[What you should do] Look for the string "millimeters" in the material below. Copy every line where you find it.

[Input records]
'''

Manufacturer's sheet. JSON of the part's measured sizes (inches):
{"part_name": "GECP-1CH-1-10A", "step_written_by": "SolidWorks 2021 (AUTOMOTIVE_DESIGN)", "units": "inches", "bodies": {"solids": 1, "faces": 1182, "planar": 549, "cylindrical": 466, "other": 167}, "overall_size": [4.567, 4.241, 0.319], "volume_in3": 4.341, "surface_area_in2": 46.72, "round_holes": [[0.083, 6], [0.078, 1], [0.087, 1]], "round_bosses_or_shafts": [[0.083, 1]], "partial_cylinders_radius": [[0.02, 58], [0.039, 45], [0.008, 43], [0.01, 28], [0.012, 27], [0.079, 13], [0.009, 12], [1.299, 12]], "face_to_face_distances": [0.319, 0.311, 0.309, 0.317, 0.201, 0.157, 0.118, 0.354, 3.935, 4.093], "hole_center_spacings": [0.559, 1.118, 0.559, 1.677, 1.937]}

'''
'''

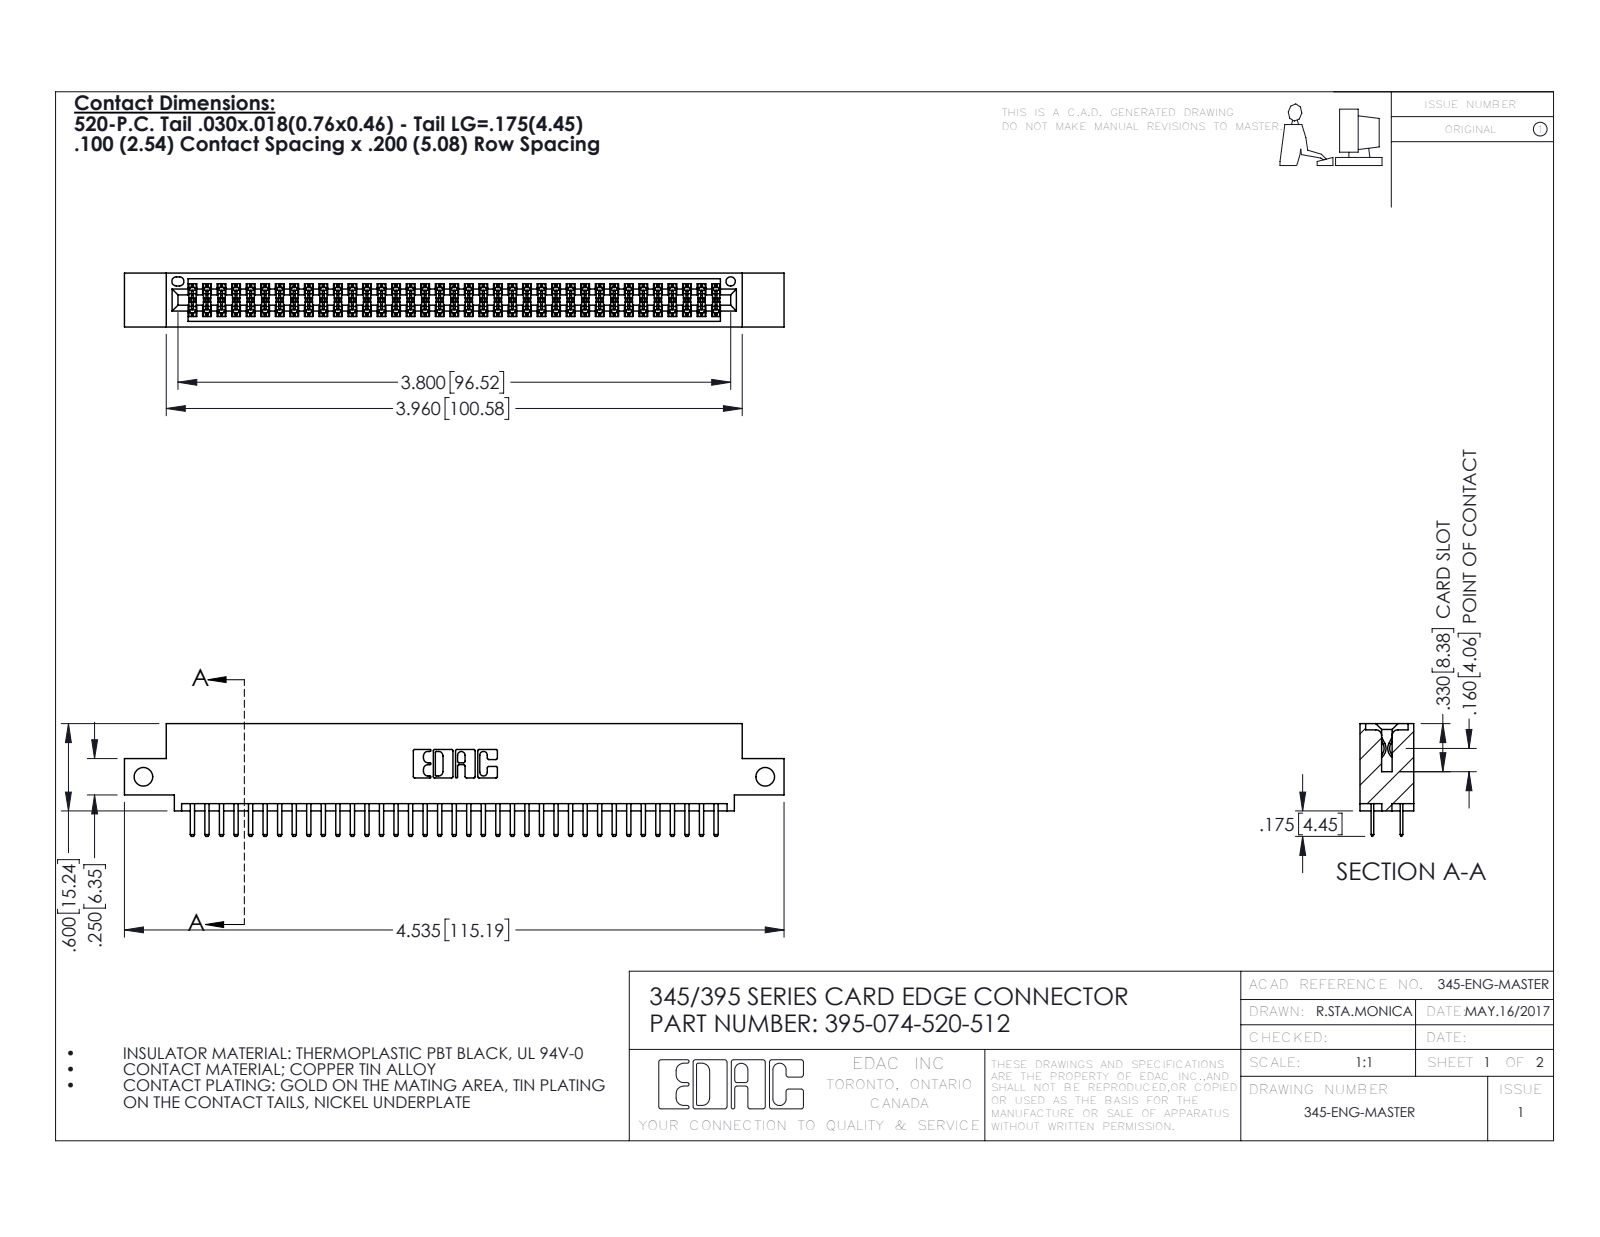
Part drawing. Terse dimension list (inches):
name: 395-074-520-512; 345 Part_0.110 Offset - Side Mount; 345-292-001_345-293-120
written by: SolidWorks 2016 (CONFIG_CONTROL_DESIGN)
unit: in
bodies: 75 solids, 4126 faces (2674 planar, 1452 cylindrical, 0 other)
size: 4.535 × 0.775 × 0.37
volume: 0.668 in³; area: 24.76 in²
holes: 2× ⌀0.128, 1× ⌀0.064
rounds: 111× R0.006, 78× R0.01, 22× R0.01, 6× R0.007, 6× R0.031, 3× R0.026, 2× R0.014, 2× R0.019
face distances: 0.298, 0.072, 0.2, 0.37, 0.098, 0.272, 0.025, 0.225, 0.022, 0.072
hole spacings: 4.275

'''
'''

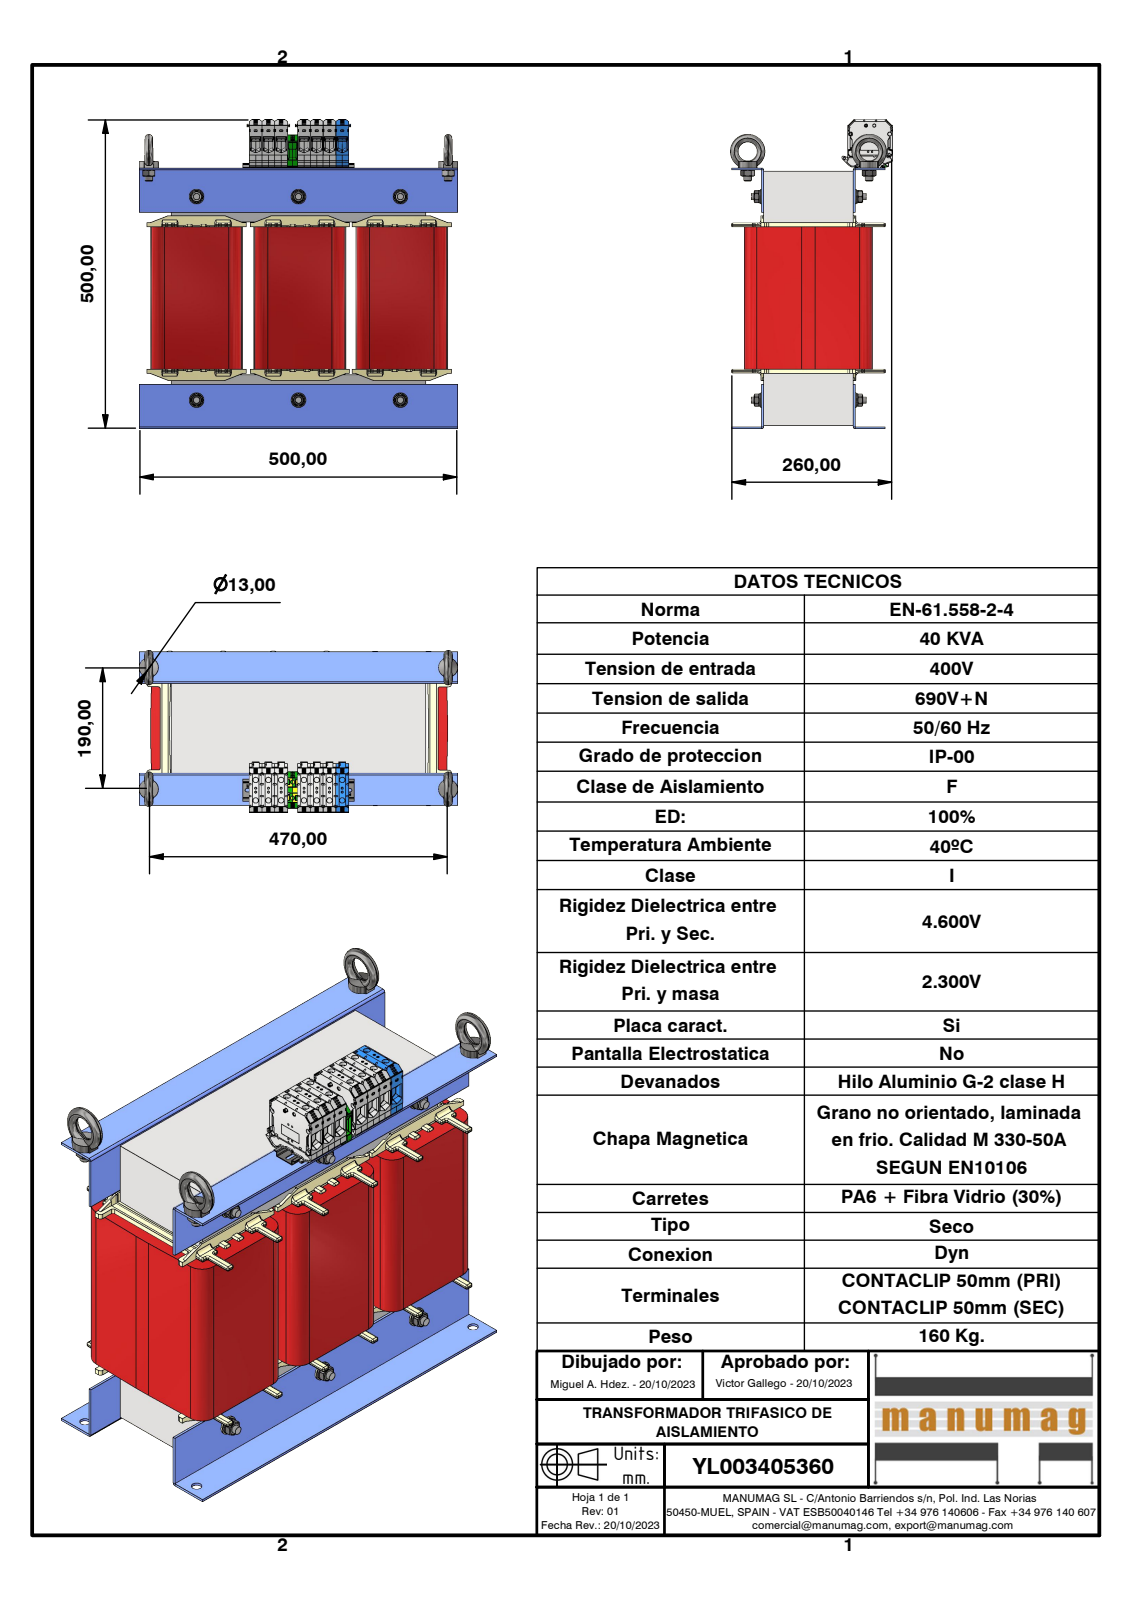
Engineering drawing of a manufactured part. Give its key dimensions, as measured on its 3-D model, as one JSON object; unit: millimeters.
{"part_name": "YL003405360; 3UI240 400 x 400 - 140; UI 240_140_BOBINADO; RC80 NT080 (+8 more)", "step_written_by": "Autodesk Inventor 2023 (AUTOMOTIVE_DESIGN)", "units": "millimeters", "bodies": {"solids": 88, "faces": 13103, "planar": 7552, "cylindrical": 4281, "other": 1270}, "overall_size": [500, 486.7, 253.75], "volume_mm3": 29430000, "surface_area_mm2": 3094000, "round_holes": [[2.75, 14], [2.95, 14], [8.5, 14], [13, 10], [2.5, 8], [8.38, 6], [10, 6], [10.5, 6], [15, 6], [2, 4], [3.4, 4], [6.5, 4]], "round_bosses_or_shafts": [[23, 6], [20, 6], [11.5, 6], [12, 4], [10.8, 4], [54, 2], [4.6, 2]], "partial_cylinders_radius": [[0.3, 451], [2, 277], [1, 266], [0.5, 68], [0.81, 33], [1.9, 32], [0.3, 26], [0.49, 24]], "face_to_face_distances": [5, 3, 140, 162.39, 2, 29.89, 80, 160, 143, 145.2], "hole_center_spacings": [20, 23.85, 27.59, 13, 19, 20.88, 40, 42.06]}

'''

[Output]
Engineering drawing of a manufactured part. Give its key dimensions, as measured on its 3-D model, as one JSON object; unit: millimeters.
{"part_name": "YL003405360; 3UI240 400 x 400 - 140; UI 240_140_BOBINADO; RC80 NT080 (+8 more)", "step_written_by": "Autodesk Inventor 2023 (AUTOMOTIVE_DESIGN)", "units": "millimeters", "bodies": {"solids": 88, "faces": 13103, "planar": 7552, "cylindrical": 4281, "other": 1270}, "overall_size": [500, 486.7, 253.75], "volume_mm3": 29430000, "surface_area_mm2": 3094000, "round_holes": [[2.75, 14], [2.95, 14], [8.5, 14], [13, 10], [2.5, 8], [8.38, 6], [10, 6], [10.5, 6], [15, 6], [2, 4], [3.4, 4], [6.5, 4]], "round_bosses_or_shafts": [[23, 6], [20, 6], [11.5, 6], [12, 4], [10.8, 4], [54, 2], [4.6, 2]], "partial_cylinders_radius": [[0.3, 451], [2, 277], [1, 266], [0.5, 68], [0.81, 33], [1.9, 32], [0.3, 26], [0.49, 24]], "face_to_face_distances": [5, 3, 140, 162.39, 2, 29.89, 80, 160, 143, 145.2], "hole_center_spacings": [20, 23.85, 27.59, 13, 19, 20.88, 40, 42.06]}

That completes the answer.